What would you say if you are told that a human baby is born with an underdeveloped brain? Yes, you read it right. A human newborn’s brain is only half as developed as an adult’s brain. Research reveals that human babies are born too soon. Ideally, humans should have a gestation period of 21 months to give birth to self-sufficient newborns in terms of neurological and cognitive development. Our big brain, upright locomotion, and narrow birth canal have put our newborns on the back foot compared to the babies of other primates such as chimpanzees.
So, what our babies miss out on due to a shorter gestation period is achieved in the first few years of their life—that is, rapid and astonishing brain development. By the time your baby turns one year old, their brain would have doubled in size and would be making more than one million neural connections each second. The first three years of your baby’s life are the most critical time for brain development and early childhood education.

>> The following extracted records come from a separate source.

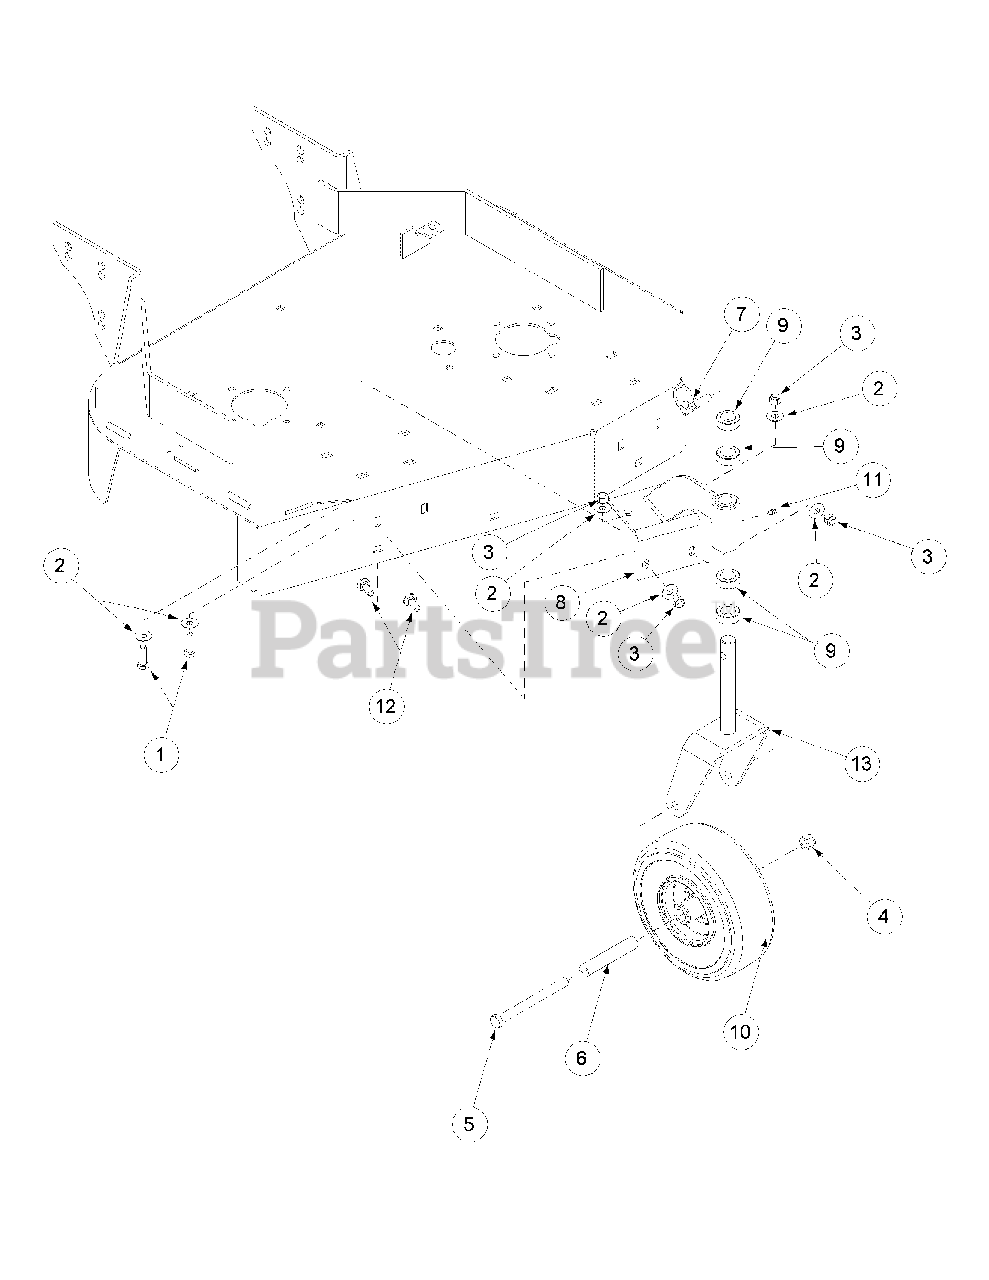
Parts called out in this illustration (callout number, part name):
1	Hex Cap Screw, 3/8-16 x 1-1/4
2	Flat Washer, 3/8 Zinc
3	Lock Nut, Nylon Insert, 3/8-16
4	Lock Nut, Nylon Insert, 1/2-13
5	Hex Cap Screw, 1/2-20, 5.50
6	Spacer Wheel
7	Klik Pin, 1.75
8	Caster Bracket Assembly
9	Spacer, Caster
10	Wheel Assembly, 9.0 x 3.50-4
11	Grease Fitting, 1/4-28 x 3/16
12	Carriage Bolt, 3/8-16 x 1
13	Caster Yoke Assembly, Weldment

Here’s all you need to know.
How The Brain Develops at Different Stages of Early Childhood
Brain development in human babies begins when they are still in their mother’s womb. However, nature does not wait for the process to be completed within the safe space of the womb and lets the baby out to learn things the harder way—that is by exploring its surrounding and experiencing external stimuli. Brain development from birth onwards is shaped by the baby’s experiences and interactions they have with the world around them.

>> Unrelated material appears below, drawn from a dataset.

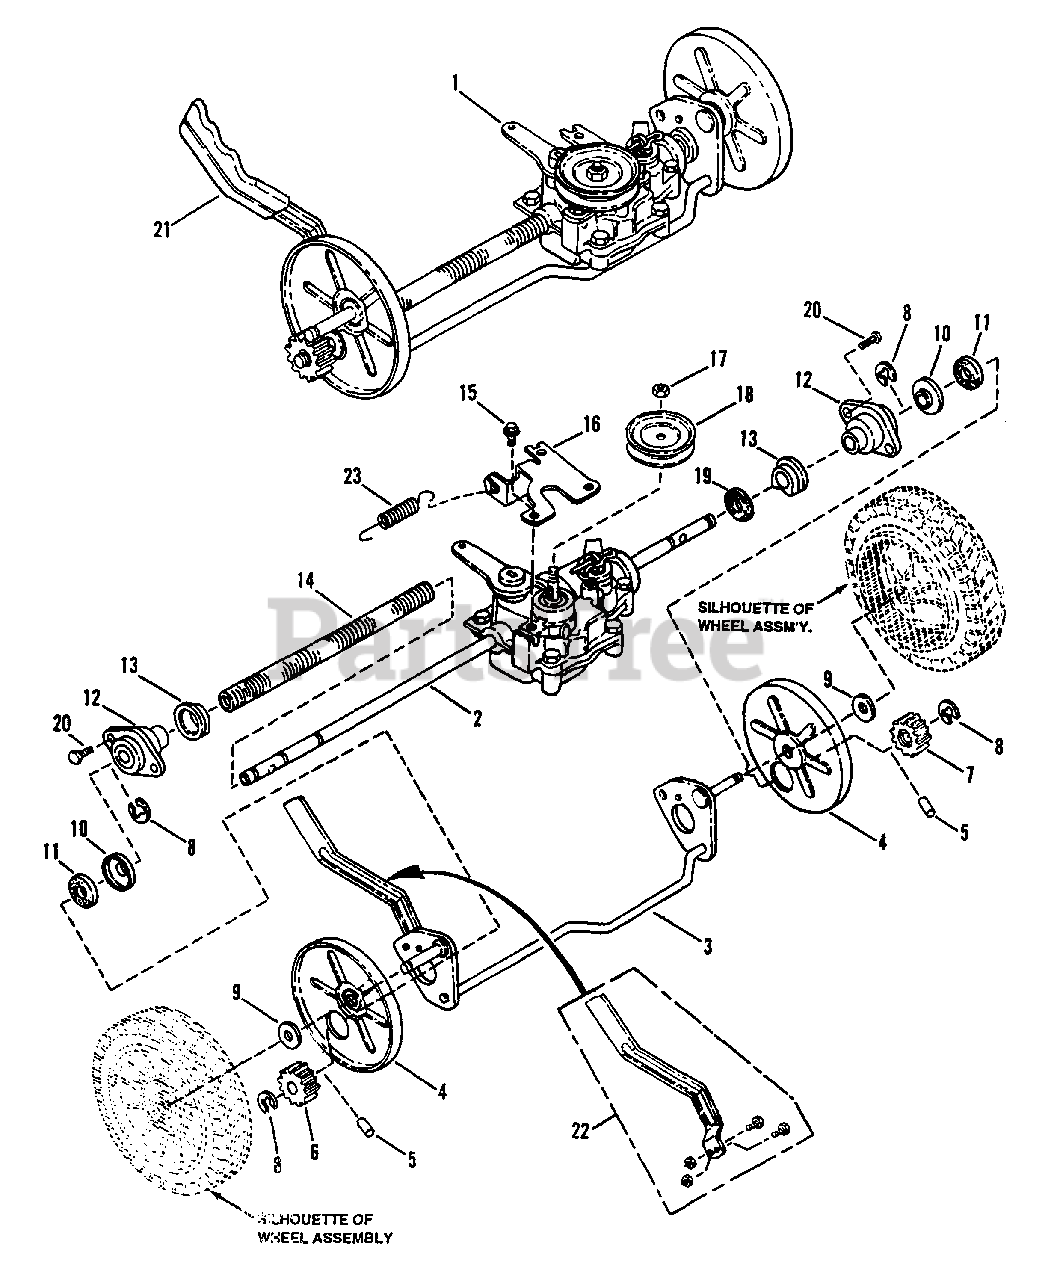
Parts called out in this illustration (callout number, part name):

The first six months are when most of the significant neural connections are built in a baby’s brain. These connections enable them to move, communicate, think and do things. By the time a child is three years old, the brain has over 1000 trillion synapses and would be grown to 80 per cent of its adult size.

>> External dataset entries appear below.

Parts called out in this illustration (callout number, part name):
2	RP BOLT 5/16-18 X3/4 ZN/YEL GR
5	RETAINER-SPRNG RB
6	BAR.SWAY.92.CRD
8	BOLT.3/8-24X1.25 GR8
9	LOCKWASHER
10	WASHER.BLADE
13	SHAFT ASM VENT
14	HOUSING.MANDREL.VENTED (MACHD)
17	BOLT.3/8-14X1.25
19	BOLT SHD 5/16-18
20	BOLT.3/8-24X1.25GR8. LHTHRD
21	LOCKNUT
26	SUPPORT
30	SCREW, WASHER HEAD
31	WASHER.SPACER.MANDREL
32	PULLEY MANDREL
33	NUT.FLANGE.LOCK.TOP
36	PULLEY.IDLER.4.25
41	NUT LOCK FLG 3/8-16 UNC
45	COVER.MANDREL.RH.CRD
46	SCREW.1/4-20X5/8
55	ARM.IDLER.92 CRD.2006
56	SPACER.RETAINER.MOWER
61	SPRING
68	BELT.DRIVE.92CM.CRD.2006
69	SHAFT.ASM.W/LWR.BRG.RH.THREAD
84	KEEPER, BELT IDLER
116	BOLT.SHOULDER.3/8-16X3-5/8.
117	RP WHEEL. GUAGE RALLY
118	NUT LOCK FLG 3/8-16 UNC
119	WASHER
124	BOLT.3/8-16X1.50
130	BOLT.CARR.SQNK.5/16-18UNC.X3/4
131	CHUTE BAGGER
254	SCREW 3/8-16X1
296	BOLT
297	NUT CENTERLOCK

Interestingly as your child grows, the synapses don’t increase but are ‘pruned’ as the brain prioritises the most recurrent connections. By adolescence, your child would have about 500 trillion synapses only. The human brain develops until the age of years 20 or so, and then you do what you know.
That puts a lot of onus on you, the parents, to expand the horizon for your newborn and allow them to experience and explore as much as they can. What they learn or do at this stage is most likely to stay with them and lay the foundation for who they will be in the future.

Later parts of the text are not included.